Non-Transient Non-Community Public Water System Sanitary Survey
A sanitary survey is an evaluation of a water system's facilities, operations and records to ensure the delivery of safe and reliable water for human consumption. In Wisconsin, the DNR conducts routine sanitary surveys of non-transient non-community (NN) water systems every five years. A NN public water system is a water system that regularly serves at least 25 of the same people over six months of the year. There is no charge for a sanitary survey completed by DNR staff.
The Environmental Protection Agency (EPA) established the Safe Drinking Water Act in 1974 to protect the quality of drinking water in the U.S. The DNR ensures drinking water in the state of Wisconsin follows the regulations provided in the Safe Drinking Water Act. Sanitary surveys are one of the criteria to meet the regulations of the EPA and the DNR.
Sanitary survey purpose
A routine sanitary survey is a five-year evaluation of water system facilities, operations and records used to identify conditions that may present a sanitary or public health risk. A sanitary survey may also be needed if a new well, new treatment system or any water system modifications are done. Proper operation and maintenance of your water system are essential for providing safe water to your consumers. The DNR's Drinking Water and Groundwater Program manages activities that affect the safety, quality and availability of drinking water to protect public health and water resources.
The sanitary survey is also an opportunity to discuss your water system with your DNR representative, ask questions, learn new strategies to optimize your system and identify potential problems before they lead to a public health risk. DNR representatives are a great resource for technical assistance, so don't hesitate to ask them questions or talk through options.
Sanitary survey process
Your DNR representative will contact a representative (for example the owner, operator or sampler) of your water system to schedule a convenient time for the survey. Typically, sanitary surveys are scheduled one to two weeks from the contact date. Depending on the size of your water system, the sanitary survey may take anywhere from ½ hour to several hours. The department recommends reviewing the Non-Transient Non-Community Sanitary Survey Fact Sheet in advance, so you are familiar with all survey elements. Reviewing information and organizing records ahead of time will help ensure a time-efficient and successful sanitary survey.
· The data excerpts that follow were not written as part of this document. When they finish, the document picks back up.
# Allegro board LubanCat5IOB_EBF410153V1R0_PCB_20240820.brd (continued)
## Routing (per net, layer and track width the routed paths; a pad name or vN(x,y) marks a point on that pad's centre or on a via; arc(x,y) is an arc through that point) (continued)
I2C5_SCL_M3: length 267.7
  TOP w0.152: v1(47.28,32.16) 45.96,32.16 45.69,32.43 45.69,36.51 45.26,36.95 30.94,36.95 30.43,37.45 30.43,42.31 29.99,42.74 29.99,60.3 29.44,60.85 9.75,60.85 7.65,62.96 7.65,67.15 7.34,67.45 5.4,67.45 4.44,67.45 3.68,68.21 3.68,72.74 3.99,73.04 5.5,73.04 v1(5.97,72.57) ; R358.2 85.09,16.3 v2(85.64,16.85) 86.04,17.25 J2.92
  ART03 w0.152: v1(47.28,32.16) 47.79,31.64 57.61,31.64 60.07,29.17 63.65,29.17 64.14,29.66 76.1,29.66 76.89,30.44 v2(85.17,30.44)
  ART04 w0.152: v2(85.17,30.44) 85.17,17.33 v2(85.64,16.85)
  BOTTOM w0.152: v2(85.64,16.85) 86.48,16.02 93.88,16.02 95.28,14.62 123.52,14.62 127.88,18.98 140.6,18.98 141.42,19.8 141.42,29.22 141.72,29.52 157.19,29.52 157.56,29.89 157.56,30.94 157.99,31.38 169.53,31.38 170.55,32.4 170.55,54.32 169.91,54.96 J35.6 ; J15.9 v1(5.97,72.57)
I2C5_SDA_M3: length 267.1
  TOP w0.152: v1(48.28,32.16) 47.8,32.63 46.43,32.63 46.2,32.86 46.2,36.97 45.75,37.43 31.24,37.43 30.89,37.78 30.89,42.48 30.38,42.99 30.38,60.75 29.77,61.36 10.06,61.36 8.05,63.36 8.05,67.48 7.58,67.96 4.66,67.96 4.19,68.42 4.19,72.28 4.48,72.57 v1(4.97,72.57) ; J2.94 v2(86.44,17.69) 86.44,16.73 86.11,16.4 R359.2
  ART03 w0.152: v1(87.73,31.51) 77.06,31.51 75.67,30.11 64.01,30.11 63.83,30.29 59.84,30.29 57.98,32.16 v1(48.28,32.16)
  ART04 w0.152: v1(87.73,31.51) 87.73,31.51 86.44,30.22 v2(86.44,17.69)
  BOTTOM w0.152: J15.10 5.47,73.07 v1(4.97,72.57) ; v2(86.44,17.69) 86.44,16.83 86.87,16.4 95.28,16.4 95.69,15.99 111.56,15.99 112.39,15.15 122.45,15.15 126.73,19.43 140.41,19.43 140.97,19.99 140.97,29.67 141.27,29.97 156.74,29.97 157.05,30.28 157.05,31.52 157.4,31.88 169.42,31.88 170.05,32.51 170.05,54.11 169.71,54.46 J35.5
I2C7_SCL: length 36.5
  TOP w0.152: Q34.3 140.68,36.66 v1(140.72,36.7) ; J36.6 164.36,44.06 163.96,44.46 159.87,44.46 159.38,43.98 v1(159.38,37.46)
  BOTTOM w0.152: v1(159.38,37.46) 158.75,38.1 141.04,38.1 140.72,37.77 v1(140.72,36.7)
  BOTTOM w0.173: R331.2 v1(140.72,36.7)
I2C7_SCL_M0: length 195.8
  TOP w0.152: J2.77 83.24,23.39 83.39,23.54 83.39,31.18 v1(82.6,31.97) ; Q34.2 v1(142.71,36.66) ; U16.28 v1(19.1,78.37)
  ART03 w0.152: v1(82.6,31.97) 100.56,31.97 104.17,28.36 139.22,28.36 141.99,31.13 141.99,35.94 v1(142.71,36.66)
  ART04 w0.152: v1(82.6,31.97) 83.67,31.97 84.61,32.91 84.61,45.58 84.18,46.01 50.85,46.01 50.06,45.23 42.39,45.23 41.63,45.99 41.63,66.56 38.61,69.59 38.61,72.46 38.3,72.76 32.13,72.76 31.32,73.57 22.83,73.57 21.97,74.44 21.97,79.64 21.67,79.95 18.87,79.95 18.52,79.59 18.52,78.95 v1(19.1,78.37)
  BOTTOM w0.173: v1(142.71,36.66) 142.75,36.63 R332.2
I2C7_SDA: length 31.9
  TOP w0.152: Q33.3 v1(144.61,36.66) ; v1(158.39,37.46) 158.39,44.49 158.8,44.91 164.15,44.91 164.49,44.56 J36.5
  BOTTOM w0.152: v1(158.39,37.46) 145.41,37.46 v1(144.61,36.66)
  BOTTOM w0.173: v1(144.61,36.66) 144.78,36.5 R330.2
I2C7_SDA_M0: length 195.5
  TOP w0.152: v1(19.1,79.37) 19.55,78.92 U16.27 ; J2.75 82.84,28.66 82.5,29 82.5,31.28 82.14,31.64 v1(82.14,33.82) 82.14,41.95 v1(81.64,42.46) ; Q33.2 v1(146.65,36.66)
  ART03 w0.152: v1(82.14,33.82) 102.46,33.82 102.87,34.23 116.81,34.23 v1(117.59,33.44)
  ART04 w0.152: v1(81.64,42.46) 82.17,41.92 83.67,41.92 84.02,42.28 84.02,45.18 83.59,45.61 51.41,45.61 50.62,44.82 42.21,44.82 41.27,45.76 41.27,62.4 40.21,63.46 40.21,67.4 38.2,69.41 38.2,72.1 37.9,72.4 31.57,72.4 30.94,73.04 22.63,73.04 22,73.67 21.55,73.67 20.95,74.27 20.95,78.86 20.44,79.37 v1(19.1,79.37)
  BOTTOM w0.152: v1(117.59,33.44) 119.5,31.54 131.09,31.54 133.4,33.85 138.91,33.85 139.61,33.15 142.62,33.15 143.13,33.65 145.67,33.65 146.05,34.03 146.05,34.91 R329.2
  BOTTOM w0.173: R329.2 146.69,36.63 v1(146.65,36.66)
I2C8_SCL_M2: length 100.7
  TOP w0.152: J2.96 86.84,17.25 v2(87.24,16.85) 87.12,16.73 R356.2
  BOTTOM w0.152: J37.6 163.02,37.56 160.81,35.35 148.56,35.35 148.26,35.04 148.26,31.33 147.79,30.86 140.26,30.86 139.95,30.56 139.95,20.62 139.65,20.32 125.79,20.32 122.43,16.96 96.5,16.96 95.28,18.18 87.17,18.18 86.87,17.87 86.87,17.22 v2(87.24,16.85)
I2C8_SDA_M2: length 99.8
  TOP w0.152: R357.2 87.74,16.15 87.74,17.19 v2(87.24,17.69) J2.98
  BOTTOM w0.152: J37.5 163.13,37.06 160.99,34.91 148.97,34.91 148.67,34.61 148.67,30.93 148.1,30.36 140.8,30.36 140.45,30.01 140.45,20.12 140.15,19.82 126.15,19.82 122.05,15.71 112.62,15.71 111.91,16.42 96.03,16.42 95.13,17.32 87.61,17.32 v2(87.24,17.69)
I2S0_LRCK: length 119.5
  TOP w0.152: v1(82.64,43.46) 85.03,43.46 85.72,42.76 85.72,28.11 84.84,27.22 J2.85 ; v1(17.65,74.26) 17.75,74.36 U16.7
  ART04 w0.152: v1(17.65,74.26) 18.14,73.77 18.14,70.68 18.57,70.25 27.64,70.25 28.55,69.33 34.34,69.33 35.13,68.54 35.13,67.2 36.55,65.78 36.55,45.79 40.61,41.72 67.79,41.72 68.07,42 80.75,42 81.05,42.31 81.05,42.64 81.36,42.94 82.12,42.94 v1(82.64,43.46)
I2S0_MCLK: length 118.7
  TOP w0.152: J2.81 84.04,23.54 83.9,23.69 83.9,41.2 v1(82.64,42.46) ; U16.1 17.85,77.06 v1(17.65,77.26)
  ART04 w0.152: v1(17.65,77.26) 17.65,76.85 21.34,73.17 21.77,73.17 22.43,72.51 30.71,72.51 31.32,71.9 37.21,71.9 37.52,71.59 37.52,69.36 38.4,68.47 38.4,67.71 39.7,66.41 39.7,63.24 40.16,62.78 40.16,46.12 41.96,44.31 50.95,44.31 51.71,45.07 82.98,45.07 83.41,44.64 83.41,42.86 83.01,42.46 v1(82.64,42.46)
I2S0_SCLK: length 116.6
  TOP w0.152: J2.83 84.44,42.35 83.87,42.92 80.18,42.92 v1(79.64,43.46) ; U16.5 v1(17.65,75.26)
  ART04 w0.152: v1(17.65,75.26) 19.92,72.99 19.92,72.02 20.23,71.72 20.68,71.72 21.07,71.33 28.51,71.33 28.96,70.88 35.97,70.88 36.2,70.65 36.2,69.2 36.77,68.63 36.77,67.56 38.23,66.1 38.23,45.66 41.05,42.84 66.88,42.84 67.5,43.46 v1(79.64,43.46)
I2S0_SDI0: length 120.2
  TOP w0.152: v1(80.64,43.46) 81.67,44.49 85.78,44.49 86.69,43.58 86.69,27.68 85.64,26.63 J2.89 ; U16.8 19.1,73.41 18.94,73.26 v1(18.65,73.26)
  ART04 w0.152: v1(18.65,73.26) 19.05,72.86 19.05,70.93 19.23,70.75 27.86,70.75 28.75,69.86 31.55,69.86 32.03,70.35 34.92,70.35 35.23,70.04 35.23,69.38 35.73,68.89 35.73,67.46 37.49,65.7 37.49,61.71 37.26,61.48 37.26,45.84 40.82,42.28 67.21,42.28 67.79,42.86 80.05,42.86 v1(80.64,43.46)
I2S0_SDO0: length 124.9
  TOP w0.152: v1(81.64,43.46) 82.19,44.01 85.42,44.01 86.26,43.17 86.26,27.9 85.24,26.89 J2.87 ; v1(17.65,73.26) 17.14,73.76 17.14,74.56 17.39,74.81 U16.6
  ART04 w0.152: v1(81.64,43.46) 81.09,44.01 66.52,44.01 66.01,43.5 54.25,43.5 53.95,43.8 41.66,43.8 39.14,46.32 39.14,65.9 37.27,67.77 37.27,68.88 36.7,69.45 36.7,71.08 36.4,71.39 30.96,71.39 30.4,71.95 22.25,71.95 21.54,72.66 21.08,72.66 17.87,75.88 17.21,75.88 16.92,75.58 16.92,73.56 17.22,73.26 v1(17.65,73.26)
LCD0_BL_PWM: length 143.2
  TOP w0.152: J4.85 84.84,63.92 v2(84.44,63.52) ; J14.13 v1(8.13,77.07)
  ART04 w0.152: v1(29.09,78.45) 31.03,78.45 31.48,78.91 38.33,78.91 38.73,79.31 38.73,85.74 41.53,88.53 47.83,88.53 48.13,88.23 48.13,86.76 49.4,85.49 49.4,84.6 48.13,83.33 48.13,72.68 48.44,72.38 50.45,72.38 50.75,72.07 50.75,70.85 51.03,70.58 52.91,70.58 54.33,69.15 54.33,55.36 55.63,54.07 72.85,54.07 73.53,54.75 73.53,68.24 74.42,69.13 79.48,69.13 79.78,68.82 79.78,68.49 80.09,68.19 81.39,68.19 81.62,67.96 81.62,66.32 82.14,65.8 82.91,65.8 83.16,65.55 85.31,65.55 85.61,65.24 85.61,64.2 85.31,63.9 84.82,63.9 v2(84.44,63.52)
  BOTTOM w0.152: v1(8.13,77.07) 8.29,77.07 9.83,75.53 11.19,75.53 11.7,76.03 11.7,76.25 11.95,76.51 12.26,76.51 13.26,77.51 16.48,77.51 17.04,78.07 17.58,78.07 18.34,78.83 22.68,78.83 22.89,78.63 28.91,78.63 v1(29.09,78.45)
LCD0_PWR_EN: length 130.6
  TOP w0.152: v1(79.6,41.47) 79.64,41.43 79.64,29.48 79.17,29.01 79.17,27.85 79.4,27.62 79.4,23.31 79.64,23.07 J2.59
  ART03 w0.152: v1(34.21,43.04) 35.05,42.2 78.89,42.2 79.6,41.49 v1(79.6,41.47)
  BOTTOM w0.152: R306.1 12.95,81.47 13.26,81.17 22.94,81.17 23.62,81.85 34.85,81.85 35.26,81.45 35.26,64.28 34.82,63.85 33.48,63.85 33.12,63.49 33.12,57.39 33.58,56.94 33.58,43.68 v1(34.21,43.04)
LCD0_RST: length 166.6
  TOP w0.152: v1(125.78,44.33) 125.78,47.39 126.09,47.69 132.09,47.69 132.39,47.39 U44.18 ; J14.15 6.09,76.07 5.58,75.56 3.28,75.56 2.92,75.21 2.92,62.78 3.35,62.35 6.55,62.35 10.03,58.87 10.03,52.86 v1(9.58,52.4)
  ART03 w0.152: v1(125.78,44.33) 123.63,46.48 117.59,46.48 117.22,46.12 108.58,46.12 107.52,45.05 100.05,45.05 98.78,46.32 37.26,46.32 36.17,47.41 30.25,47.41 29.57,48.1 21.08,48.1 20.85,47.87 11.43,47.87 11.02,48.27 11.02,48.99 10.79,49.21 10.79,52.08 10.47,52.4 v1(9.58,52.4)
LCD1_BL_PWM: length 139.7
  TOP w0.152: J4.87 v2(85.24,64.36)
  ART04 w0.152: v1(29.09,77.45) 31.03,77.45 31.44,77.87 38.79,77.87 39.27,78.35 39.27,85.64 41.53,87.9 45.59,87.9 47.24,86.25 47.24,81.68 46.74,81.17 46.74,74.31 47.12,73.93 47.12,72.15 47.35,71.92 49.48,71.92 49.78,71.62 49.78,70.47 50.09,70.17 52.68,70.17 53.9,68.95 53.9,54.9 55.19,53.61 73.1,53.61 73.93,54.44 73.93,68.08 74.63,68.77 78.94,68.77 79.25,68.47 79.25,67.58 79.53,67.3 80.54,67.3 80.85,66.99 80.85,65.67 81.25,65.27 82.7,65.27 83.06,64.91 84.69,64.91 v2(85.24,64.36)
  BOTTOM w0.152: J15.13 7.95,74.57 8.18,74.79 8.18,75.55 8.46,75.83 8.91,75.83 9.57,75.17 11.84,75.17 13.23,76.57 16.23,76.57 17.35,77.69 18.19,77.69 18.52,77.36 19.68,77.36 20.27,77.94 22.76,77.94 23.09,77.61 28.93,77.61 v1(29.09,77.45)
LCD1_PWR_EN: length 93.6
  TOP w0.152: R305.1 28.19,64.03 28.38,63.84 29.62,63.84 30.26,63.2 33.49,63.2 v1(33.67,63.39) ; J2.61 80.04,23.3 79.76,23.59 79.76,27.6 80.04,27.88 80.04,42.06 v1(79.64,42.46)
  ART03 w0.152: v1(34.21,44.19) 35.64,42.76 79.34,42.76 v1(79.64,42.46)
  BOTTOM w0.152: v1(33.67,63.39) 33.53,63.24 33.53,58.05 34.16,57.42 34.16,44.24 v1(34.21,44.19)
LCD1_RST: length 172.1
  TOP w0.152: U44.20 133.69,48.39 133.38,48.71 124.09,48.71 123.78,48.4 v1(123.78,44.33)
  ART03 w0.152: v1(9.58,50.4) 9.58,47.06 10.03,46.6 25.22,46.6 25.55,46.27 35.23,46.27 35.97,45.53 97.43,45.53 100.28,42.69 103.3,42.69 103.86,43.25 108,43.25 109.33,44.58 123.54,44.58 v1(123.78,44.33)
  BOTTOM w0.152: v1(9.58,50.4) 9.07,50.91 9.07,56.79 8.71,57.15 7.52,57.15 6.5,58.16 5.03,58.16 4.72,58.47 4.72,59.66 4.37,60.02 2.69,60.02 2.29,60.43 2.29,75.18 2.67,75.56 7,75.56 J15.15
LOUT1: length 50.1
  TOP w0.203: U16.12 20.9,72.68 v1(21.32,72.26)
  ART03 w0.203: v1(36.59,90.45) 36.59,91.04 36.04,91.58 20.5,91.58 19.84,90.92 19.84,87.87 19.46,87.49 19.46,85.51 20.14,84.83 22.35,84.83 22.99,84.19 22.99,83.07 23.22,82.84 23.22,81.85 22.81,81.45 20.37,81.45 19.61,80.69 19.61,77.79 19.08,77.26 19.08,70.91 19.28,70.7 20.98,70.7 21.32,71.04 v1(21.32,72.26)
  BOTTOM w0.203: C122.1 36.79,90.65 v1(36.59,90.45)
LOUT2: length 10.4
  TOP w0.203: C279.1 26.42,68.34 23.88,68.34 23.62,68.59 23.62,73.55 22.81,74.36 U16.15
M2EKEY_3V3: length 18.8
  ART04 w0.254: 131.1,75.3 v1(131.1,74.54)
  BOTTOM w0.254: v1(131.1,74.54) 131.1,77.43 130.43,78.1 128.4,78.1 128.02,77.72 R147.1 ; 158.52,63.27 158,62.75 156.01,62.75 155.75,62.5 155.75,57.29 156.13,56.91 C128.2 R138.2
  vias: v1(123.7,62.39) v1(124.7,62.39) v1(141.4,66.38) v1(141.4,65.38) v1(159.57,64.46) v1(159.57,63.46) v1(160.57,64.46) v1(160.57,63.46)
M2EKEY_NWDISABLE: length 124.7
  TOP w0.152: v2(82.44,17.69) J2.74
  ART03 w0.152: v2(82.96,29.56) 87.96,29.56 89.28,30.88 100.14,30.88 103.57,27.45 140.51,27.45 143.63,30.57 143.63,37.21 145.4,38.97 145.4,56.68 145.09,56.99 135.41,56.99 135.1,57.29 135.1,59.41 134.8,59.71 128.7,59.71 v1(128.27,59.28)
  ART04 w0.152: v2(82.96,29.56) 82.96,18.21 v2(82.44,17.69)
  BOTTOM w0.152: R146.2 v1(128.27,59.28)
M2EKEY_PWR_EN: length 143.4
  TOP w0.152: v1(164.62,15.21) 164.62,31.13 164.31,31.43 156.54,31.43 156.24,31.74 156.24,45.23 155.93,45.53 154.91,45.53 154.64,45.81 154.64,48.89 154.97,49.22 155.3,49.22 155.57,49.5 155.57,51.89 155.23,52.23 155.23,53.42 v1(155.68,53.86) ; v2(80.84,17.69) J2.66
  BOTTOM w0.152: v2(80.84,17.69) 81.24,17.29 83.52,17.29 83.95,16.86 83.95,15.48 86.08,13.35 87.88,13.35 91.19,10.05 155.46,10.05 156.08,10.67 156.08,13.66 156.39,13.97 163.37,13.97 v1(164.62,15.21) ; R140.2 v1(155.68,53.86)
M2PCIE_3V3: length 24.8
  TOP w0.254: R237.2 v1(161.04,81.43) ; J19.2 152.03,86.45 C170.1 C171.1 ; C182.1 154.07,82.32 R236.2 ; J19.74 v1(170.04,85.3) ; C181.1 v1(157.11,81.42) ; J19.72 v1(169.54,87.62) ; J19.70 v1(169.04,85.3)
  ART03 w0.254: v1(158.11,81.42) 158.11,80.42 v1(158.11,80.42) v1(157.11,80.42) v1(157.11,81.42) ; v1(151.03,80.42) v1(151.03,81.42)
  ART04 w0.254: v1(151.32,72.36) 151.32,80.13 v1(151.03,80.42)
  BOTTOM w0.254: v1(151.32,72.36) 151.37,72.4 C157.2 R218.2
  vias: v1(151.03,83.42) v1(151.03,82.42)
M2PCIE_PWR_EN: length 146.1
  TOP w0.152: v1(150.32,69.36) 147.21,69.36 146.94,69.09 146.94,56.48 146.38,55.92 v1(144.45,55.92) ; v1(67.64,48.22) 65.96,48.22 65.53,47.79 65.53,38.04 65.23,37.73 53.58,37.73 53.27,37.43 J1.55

Your DNR representative will evaluate the physical construction, operation and maintenance of the entire water system during the sanitary survey. They will need to visit all wells on the property, pressure system equipment, treatment systems and distribution faucets used for sampling. Be prepared to access these locations (for example, bring keys for locks that need to be opened to fully observe all applicable water system components; clean up the area; make sure water system components are accessible.) Be prepared if you may also need to navigate snow, rain and cold temperatures. During the survey, your DNR representative will review past water quality data with you and may discuss any noticeable trends in the data. The monitoring site plan for your system will be reviewed and updated if needed.
At the end of the survey, your DNR representative will summarize the sanitary survey results. This will include a discussion to develop a plan and timetable for correcting any noted deficiencies. You will be sent a sanitary survey report with a summary and any noted deficiencies within 30 days of the sanitary survey.
Non-Transient Non-Community survey preparation
Sanitary surveys evaluate the adequacy of the water source and examine the facilities, equipment, operation, maintenance, monitoring, record keeping and any required public noticing. After the sanitary survey, you will receive a report with a summary of the inspection and an outline of any needed corrective actions that describe what needs to be done and due dates where applicable.
Review the prior sanitary survey report to identify any previously identified deficiencies. The department representative will verify the correction of previously identified deficiencies, so compiling documentation of when and how prior deficiencies were corrected will be helpful. If you can’t find a copy of the previous sanitary survey report, ask your DNR representative to provide you with a copy. Other records may be asked for during the survey, including plan approvals, treatment system operating reports or any enforcement documentation. Please have all water system records available for the sanitary survey as your DNR representative may ask to review them.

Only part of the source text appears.